CJR Calls for Tribune to Quit Journalism

The Columbia Journalism Review is the nation's leading journal covering the Fourth Estate. In its editorial this month, CJR calls upon Tribune to get out of the newspaper business:
Tribune has great resources, but those resources aren’t doing much public good. The company seems less than the sum of its parts. And so, like Rumsfeld, it should go. We’ll take our chances with the gaggle of billionaires who are lining up to buy those newspapers. Some of them may turn out to be pirates (see Santa Barbara). But others will be citizens who understand that those dailies are not mere pieces of an economic puzzle but great living institutions rooted in the lives of their cities.
This is no small kick in the chops. In a profession with no institutionalized accountability, CJR has emerged as journalism's leading voice, moderate and serious, anything but radical. This is equivalent to the Chronicle of Higher Education calling for the closure of a university on the grounds that it no longer serves its students. Think how low a university would have to sink for that to happen: that's how low Tribune has sunk in the world of journalism.

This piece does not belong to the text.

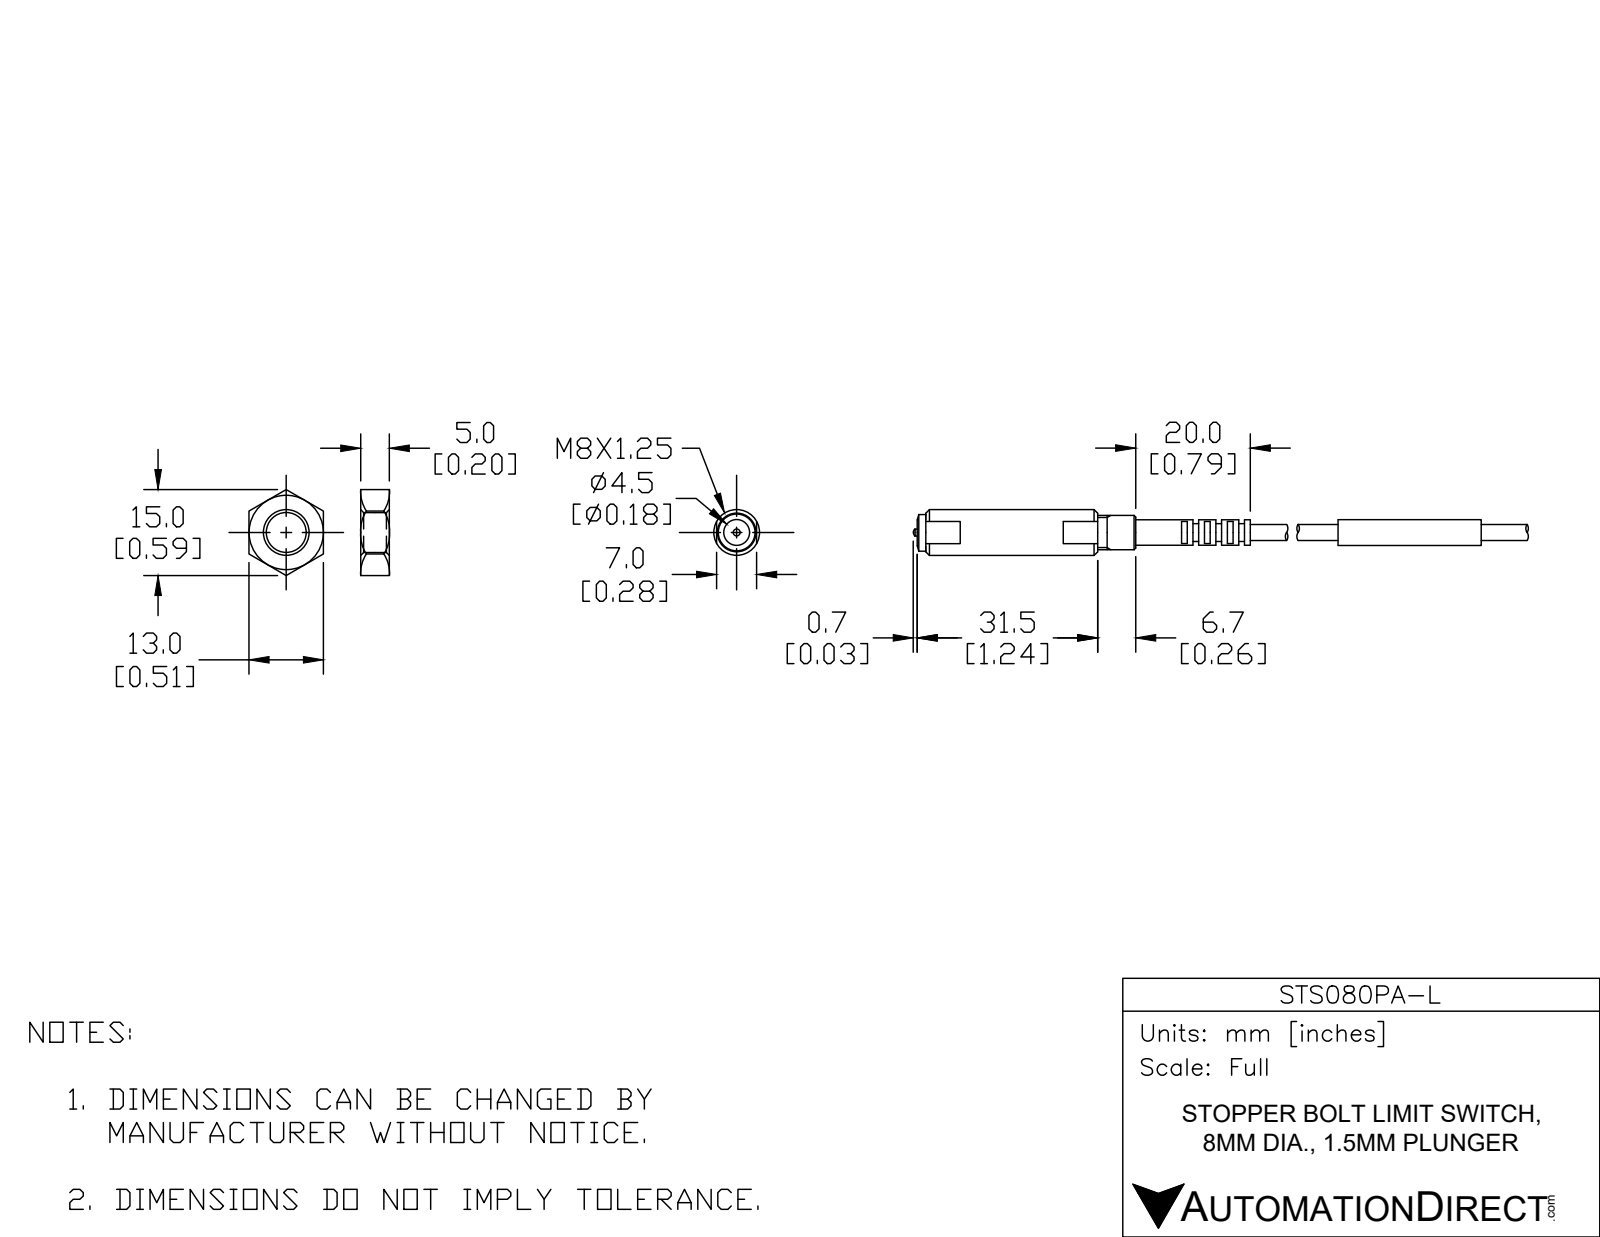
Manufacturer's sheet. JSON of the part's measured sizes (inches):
{"part_name": "STS080PA-L", "step_written_by": "SolidWorks 2017 (CONFIG_CONTROL_DESIGN)", "units": "inches", "bodies": {"solids": 2, "faces": 191, "planar": 81, "cylindrical": 88, "other": 22}, "overall_size": [4.325, 0.315, 0.315], "volume_in3": 0.138, "surface_area_in2": 3.582, "round_bosses_or_shafts": [[0.315, 1], [0.248, 1], [0.236, 1], [0.177, 1], [0.175, 1], [0.122, 1], [0.11, 1], [0.047, 1]], "face_to_face_distances": [0.039, 0.118, 0.079, 0.157, 0.276, 0.197, 0.236, 0.315, 0.354, 0.394]}

CJR mentions the Tribune's failed strategy to "use its print-TV overlaps to create editorial and advertising synergies." That's reporter code language for the kind of sleaze we've been telling you about. And the endless grievances of White Sox fans prove that even and especially in Chicago the Tribune has failed to be "a great living institution rooted in the life of its city."

Happy New Year, Sox fans. May we end 2007 with another trophy and a newspaper in our city that greets our championship with sincere celebration rather than token celebration that soon turns to envy and denial. And may we begin 2008 with a reformed Tribune or no Tribune. Either will do.